▶ Data records
+ + + + + + +

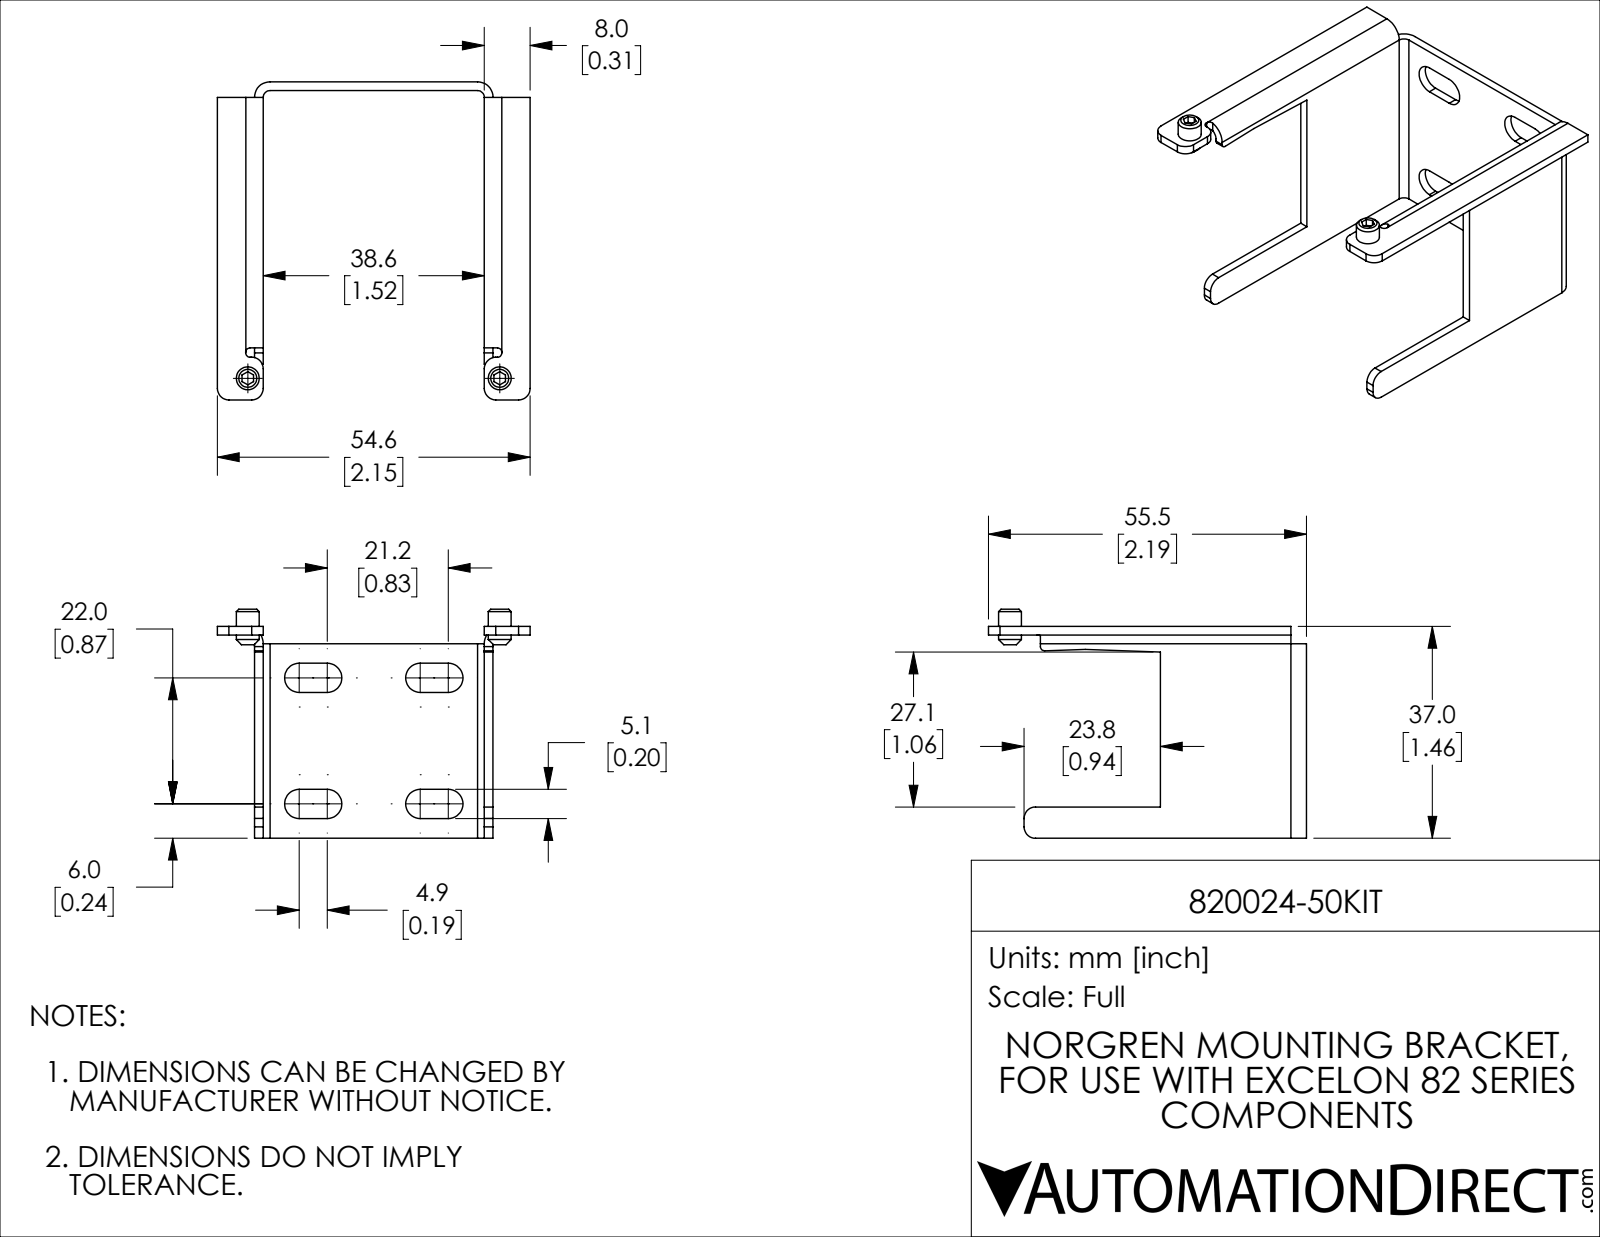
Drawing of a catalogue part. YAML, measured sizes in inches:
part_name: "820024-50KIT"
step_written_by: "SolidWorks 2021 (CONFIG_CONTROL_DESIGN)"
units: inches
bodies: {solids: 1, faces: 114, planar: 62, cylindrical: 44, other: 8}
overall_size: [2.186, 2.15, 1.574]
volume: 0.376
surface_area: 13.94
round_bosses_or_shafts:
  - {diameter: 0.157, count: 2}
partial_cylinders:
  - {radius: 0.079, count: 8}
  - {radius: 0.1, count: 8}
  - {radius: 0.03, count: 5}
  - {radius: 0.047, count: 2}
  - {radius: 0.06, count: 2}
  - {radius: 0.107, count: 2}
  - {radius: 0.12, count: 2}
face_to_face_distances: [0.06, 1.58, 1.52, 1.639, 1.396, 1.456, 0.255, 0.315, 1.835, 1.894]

+ + + + + + +

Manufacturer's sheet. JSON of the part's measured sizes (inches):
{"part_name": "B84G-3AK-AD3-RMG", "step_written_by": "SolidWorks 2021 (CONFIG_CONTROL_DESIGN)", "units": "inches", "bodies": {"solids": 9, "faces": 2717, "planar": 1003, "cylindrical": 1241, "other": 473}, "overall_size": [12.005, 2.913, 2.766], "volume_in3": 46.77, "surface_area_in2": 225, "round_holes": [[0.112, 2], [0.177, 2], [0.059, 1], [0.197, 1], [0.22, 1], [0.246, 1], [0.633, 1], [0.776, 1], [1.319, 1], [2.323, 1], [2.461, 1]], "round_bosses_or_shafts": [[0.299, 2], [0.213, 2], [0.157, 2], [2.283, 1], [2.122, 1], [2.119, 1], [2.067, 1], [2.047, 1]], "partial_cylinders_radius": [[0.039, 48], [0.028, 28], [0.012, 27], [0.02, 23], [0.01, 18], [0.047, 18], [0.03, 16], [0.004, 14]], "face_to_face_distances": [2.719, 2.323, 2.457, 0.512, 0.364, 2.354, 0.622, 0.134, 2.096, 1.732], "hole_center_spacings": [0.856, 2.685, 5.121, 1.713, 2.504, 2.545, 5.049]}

+ + + + + + +

Find and copy each line of the listing above that holds the word "measured".

▶ Answer area
Drawing of a catalogue part. YAML, measured sizes in inches:
Manufacturer's sheet. JSON of the part's measured sizes (inches):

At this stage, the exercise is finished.